Exercise goal
In the entries below, the lines from the one with "Batt+1 = Plug: Order: EEMB LP401230" through the one with "Display1 = Nokia" are to be copied exactly; both ends count.

Working data

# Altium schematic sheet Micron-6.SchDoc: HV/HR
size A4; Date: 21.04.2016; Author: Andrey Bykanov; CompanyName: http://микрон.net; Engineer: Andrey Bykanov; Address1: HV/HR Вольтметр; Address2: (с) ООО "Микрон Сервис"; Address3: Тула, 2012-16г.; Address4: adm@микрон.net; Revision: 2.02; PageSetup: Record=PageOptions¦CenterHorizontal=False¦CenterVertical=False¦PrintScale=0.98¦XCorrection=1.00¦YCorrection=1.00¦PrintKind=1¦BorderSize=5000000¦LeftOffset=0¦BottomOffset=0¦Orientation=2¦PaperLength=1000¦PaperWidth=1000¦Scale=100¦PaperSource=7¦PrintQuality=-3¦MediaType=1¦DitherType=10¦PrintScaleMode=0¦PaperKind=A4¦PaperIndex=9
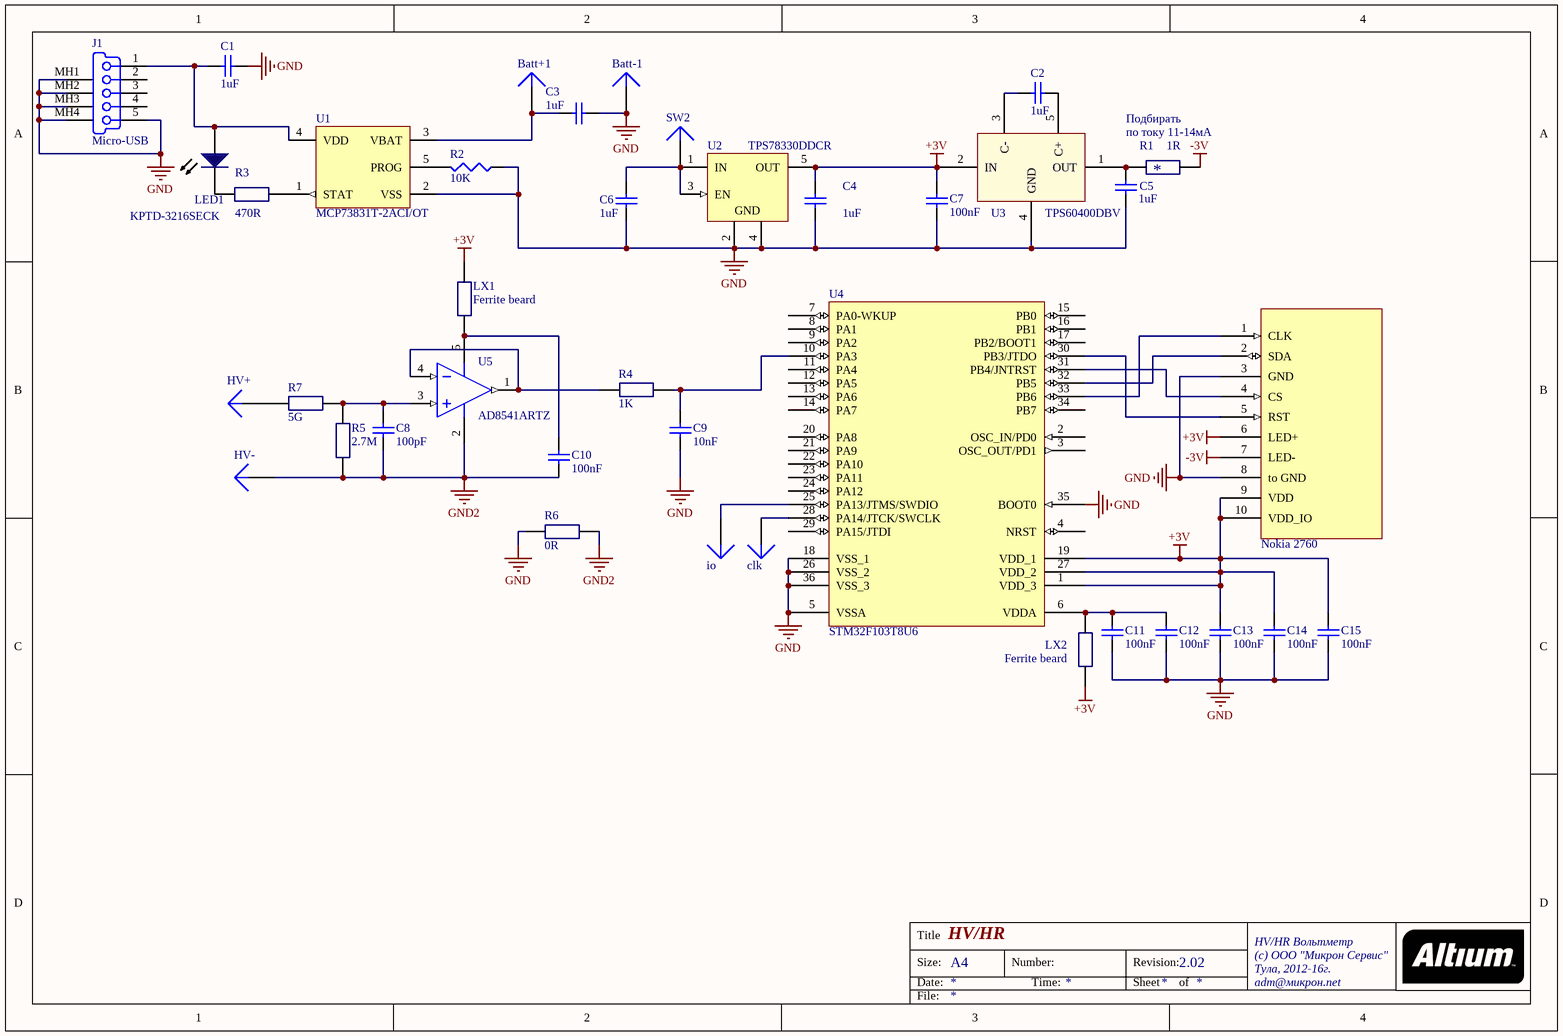
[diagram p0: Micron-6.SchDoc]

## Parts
Batt+1  (no value)  [Sensor contact]
Batt-1  (no value)  [Sensor contact]
C1  1uF  [0402 AVX]
C2  1uF  [0402 AVX]
C3  1uF  [0402 AVX]
C4  1uF  [1608[0603]]
C5  1uF  [0402 AVX]
C6  1uF  [1608[0603]]
C7  100nF  [0402 AVX]
C8  100pF  [0402 AVX]
C9  10nF  [0402 AVX]
C10  100nF  [0402 AVX]
C11  100nF  [0402 AVX]
C12  100nF  [0402 AVX]
C13  100nF  [0402 AVX]
C14  100nF  [0402 AVX]
C15  100nF  [0402 AVX]
clk  (no value)  [Sensor contact]
Display1  Nokia 2760  [DF23C-10DS-0.5V]
HV+  (no value)  [Sensor contact]
HV-  (no value)  [Sensor contact]
io  (no value)  [Sensor contact]
J1  Micro-USB  [47346-0001]
LED1  KPTD-3216SECK  [KPTD-3216SECK]
LX1  Ferrite beard  [Resistor]
LX2  Ferrite beard  [Resistor]
R1  1R  [1608[0603]]
R2  10K  [J1-0603]
R3  470R  [1608[0603]]
R4  1K  [1608[0603]]
R5  2.7M  [1608[0603]]
R6  0R  [1608[0603]]
R7  5G  [HVF2512T5007FE]
SW2  (no value)  [Sensor contact]
U1  MCP73831T-2ACI/OT  [SOT-23-OT5_N]
U2  TPS78330DDCR  [TI-DDC5_N]
U3  TPS60400DBV  [SOT-23-OT5_M]
U4  STM32F103T8U6  [VFQN36_V]
U5  AD8541ARTZ  [ADI-RJ-5_N]

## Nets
+3V: C4.2 C7.2 C13.1 C14.1 C15.1 Display1.6(LED+) Display1.9(VDD) Display1.10(VDD_IO) LX1.1(A) LX2.2 U2.5(OUT) U3.2(IN) U4.1(VDD_3) U4.19(VDD_1) U4.27(VDD_2)
-3V: Display1.7(LED-) R1.1(A)
GND: Batt-1.1 C1.1 C3.1 C4.1 C5.1 C6.1 C7.1 C9.2 C11.2 C12.2 C13.2 C14.2 C15.2 Display1.3(GND) Display1.8(to_GND) J1.5(GND) J1.MH1(Tab) J1.MH2(Tab) J1.MH3(Tab) J1.MH4(Tab) R2.1 R6.2 U1.2(VSS) U2.2(GND) U2.4(GND) U3.4(GND) U4.5(VSSA) U4.18(VSS_1) U4.26(VSS_2) U4.35(BOOT0) U4.36(VSS_3)
GND2: C8.2 C10.2 HV-.1 R5.2 R6.1(A) U5.2(-V)
NetBatt+1_1: Batt+1.1 C3.2 U1.3(VBAT)
NetC1_2: C1.2 J1.1(V_BUS_(5V)) LED1.2 U1.4(VDD)
NetC2_1: C2.1 U3.5(C+)
NetC2_2: C2.2 U3.3(C-)
NetC5_2: C5.2 R1.2 U3.1(OUT)
NetC6_2: C6.2 SW2.1 U2.1(IN) U2.3(EN)
NetC8_1: C8.1 R5.1(A) R7.2 U5.3(+IN_A)
NetC9_1: C9.1 R4.1(A) U4.10(PA3)
NetC10_1: C10.1 LX1.2 U5.5(+V)
NetC11_1: C11.1 C12.1 LX2.1(A) U4.6(VDDA)
Netclk_1: clk.1 U4.28(PA14/JTCK/SWCLK)
NetDisplay1_1: Display1.1(CLK) U4.33(PB6)
NetDisplay1_2: Display1.2(SDA) U4.32(PB5)
NetDisplay1_4: Display1.4(CS) U4.31(PB4/JNTRST)
NetDisplay1_5: Display1.5(RST) U4.30(PB3/JTDO)
NetHV+_1: HV+.1 R7.1(A)
Netio_1: io.1 U4.25(PA13/JTMS/SWDIO)
NetLED1_1: LED1.1 R3.2
NetR2_2: R2.2 U1.5(PROG)
NetR3_1: R3.1(A) U1.1(STAT)
NetR4_2: R4.2 U5.1(OUT_A) U5.4(-IN_A)

Not connected (* = marked no-connect by the designer): J1 2(D-) 3(D+) 4(NC); U4 2(OSC_IN/PD0) 3(OSC_OUT/PD1) 4(NRST) 7(PA0-WKUP) 8(PA1) 9(PA2) 11(PA4) 12(PA5) 13(PA6) 14(PA7) 15(PB0) 16(PB1) 17(PB2/BOOT1) 20(PA8) 21(PA9) 22(PA10) 23(PA11) 24(PA12) 29(PA15/JTDI) 34(PB7)

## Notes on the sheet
- Подбирать
- по току 11-14мА
- (near R1) *

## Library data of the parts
Batt+1 = Plug: Order: EEMB LP401230
Batt-1 clk HV+ HV- io SW2 = Plug
C1 C2 C5 = Cap Semi: Capacitor (Semiconductor SIM Model); Order: CC0402KRX5R5BB105; Avail: 1
C3 = Cap Semi: Capacitor (Semiconductor SIM Model); Order: CC0402KRX5R5BB105
C4 = CAPACITOR: Capacitor (Semiconductor SIM Model); Order: CC0603KRX5R7BB105
C6 = CAPACITOR: Capacitor (Semiconductor SIM Model); Order: CC0603KRX5R7BB105; Avail: 1
C7 C10-C15 = Cap Semi: Capacitor (Semiconductor SIM Model); Order: 0402ZD104KAT2A
C8 = Cap Semi: Capacitor (Semiconductor SIM Model); Order: GRM1555C1H101JD01D
C9 = Cap Semi: Capacitor (Semiconductor SIM Model); Order: CC0402KRX7R7BB103
Display1 = Nokia 2760: Order: Nokia 2760 ext + Socket Hirose DF23C-10DS-0.5V
J1 = 0481900001: USB On-The-Go (OTG) Mini-B Receptacle, Right Angle, SMT, 0.80mm (.031") Pitch, Solder Tabs with Back Cover, Recessed Type; Order: Molex 47346-0001
LED1 = KPTD-3216SECK: Avail: 1
LX1 LX2 = Resistor 0805: Order: BLM18HG102SN1D
R1 = Resistor 0805: Order: RC0603FR-071RL; Avail: 20
R2 = Res3: Resistor; Order: RC0603FR-1010KL; Avail: 1
R3 = Resistor 0805: Order: RC0603JR-07470RL; Avail: 1
R4 = Resistor 0805: Order: RC0603FR-101KL
R5 = Resistor 0805: Order: CRCW06032M70FKEA
R6 = Resistor 0805: Order: RC0603JR-100RL
R7 = Resistor 0805
U1 = MCP73831T-2ACI/OT: Miniature Single-Cell, Fully Integrated Li-Ion, Li-Polymer Charge Management Controller, 4.2V, 5-Pin SOT-23, Industrial Temperature, Tape and Reel; Avail: 1
U2 = TPS78330DDCR: Single Output LDO, 150 mA, Fixed 3 V Output, 2.2 to 5.5 V Input, with Ultra-Low IQ, 5-pin SOT (DDC), -40 to 105 degC, Green (RoHS & no Sb/Br); Manufacturer: Texas Instruments; Accuracy(%): 3; Iout(Max)(A): 0.15; Iq(Typ)(mA): 0.0005; Rating: Catalog; SubFamily: Single Channel LDO; Vdo(Typ)(mV): 130; Vin(Max)(V): 5.5; Vin(Min)(V): 2.2
U3 = TPS60400
U4 = STM32F103T8U6: STM32 ARM-based 32-bit MCU with 64 Kbytes Flash, 36-pin VFQFPN, Industrial Temperature
U5 = AD8541ARTZ-R2: Single Channel RRIO Operational Amplifier, 1 MHz BW, 920 mV/us SR, Industrial, 5-pin SOT23 (RJ-5), Reel; Generic Part Number: AD8541; Manufacturer: Analog Devices; Amplifiers Per Package: 1; Input Bias Current: 4pA; Input Offset Voltage: 1mV; Iq/Amp: 65uA; Small Signal Bandwidth: 1MHz; V Span Max: 5.5V; V Span Min: 2.7V

Solution to this problem
Batt+1 = Plug: Order: EEMB LP401230
Batt-1 clk HV+ HV- io SW2 = Plug
C1 C2 C5 = Cap Semi: Capacitor (Semiconductor SIM Model); Order: CC0402KRX5R5BB105; Avail: 1
C3 = Cap Semi: Capacitor (Semiconductor SIM Model); Order: CC0402KRX5R5BB105
C4 = CAPACITOR: Capacitor (Semiconductor SIM Model); Order: CC0603KRX5R7BB105
C6 = CAPACITOR: Capacitor (Semiconductor SIM Model); Order: CC0603KRX5R7BB105; Avail: 1
C7 C10-C15 = Cap Semi: Capacitor (Semiconductor SIM Model); Order: 0402ZD104KAT2A
C8 = Cap Semi: Capacitor (Semiconductor SIM Model); Order: GRM1555C1H101JD01D
C9 = Cap Semi: Capacitor (Semiconductor SIM Model); Order: CC0402KRX7R7BB103
Display1 = Nokia 2760: Order: Nokia 2760 ext + Socket Hirose DF23C-10DS-0.5V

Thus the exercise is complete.